WORK ITEM: Your answer must be the lines from the first record through the line that contains "doc.units = 0", copied exactly and without any pictures.
========================================
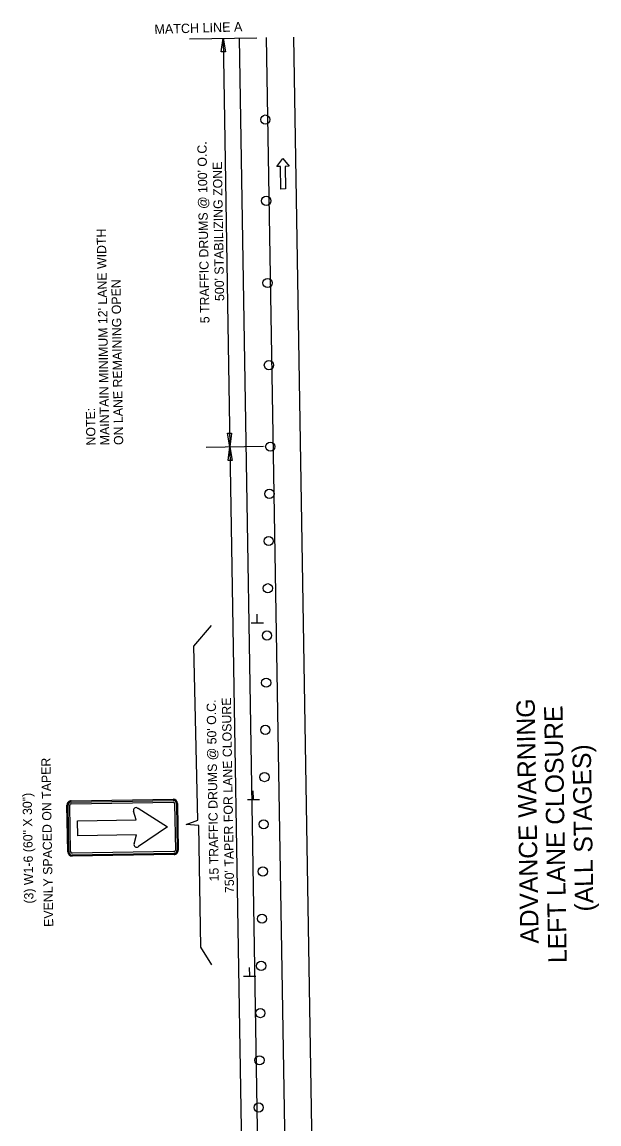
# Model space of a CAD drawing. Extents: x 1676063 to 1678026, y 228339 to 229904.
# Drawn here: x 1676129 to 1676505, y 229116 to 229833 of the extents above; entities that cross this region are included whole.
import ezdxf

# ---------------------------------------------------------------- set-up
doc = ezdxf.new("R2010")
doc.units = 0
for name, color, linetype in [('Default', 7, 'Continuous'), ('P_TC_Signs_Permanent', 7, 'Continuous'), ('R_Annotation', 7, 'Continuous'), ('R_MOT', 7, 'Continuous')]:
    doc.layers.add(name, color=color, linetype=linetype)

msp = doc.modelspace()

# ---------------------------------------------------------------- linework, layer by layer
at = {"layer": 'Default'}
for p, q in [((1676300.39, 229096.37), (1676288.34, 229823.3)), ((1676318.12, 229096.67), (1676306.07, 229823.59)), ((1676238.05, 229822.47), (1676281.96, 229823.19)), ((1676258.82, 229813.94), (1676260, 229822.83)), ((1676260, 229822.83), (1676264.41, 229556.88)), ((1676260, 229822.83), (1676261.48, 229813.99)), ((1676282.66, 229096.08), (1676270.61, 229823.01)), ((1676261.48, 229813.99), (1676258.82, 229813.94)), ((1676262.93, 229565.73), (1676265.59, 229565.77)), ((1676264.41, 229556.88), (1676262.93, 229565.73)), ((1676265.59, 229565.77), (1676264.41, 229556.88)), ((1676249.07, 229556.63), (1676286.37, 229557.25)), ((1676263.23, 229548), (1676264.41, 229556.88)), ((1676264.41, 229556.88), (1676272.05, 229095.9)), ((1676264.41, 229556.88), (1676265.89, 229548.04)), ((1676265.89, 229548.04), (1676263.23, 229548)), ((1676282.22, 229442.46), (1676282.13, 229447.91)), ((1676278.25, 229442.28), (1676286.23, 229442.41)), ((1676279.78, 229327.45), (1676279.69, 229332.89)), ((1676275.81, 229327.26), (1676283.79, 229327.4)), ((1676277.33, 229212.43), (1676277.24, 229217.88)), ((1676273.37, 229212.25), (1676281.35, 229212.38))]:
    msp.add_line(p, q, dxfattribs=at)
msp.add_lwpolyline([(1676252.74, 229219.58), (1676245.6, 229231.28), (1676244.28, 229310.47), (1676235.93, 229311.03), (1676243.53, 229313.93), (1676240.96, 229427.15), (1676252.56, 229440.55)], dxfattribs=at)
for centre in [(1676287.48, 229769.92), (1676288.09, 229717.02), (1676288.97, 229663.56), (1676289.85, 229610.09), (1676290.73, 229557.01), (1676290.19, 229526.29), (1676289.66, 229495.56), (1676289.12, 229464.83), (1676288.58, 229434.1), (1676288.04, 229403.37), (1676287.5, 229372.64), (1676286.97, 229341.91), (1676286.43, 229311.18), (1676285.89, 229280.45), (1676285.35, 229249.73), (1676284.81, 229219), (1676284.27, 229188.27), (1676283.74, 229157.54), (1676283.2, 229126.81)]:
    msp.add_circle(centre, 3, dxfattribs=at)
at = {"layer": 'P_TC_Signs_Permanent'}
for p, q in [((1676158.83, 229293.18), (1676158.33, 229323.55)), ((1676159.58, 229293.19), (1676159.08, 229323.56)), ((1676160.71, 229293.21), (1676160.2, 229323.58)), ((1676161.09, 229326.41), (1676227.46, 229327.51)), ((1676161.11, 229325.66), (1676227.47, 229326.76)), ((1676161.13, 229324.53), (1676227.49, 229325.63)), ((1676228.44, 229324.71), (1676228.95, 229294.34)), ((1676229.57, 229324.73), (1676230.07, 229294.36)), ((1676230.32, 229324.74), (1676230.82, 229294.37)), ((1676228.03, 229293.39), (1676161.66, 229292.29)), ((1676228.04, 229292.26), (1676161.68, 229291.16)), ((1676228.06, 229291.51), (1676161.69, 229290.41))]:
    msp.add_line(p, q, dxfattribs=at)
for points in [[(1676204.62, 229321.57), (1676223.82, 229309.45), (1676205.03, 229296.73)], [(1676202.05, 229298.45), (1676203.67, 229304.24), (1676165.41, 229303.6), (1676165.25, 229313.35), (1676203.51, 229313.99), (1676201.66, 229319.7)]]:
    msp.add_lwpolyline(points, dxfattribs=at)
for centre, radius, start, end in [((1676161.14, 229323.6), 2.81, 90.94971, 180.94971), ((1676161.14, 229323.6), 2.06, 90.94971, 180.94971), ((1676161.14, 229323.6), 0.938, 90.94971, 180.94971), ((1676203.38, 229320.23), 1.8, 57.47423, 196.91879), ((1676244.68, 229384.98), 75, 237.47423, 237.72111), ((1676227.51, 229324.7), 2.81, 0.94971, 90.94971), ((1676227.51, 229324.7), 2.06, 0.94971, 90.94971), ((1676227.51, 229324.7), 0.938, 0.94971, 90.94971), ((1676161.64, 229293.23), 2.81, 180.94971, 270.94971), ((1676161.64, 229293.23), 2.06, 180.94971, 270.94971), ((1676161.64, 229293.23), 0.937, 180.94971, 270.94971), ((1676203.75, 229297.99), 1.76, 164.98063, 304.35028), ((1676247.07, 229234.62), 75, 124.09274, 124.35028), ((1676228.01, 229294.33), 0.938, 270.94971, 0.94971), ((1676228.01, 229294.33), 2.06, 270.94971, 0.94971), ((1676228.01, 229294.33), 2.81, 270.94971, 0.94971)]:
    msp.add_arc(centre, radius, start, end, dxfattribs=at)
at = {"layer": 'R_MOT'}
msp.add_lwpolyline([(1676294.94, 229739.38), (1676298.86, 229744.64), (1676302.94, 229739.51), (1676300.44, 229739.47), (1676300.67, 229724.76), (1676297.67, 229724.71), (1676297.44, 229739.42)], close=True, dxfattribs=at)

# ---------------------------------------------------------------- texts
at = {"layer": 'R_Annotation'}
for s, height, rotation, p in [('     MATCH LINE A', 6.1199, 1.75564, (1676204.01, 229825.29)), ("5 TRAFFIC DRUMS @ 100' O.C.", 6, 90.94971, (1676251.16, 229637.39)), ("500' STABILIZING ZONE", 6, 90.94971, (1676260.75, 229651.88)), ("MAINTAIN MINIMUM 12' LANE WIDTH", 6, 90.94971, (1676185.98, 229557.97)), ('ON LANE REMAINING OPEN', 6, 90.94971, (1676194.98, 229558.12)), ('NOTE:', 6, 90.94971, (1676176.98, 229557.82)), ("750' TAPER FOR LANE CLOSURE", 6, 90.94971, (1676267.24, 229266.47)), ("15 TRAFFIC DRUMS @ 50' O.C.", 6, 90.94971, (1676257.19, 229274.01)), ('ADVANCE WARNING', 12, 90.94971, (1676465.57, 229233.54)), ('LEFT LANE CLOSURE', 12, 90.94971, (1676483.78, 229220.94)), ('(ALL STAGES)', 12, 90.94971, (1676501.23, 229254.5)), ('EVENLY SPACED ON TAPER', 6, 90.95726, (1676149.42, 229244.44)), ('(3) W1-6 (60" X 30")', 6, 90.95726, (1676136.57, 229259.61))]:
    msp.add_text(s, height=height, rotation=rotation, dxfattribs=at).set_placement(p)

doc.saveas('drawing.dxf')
========================================
REPLY TO THE TASK:
# Model space of a CAD drawing. Extents: x 1676063 to 1678026, y 228339 to 229904.
# Drawn here: x 1676129 to 1676505, y 229116 to 229833 of the extents above; entities that cross this region are included whole.
import ezdxf

# ---------------------------------------------------------------- set-up
doc = ezdxf.new("R2010")
doc.units = 0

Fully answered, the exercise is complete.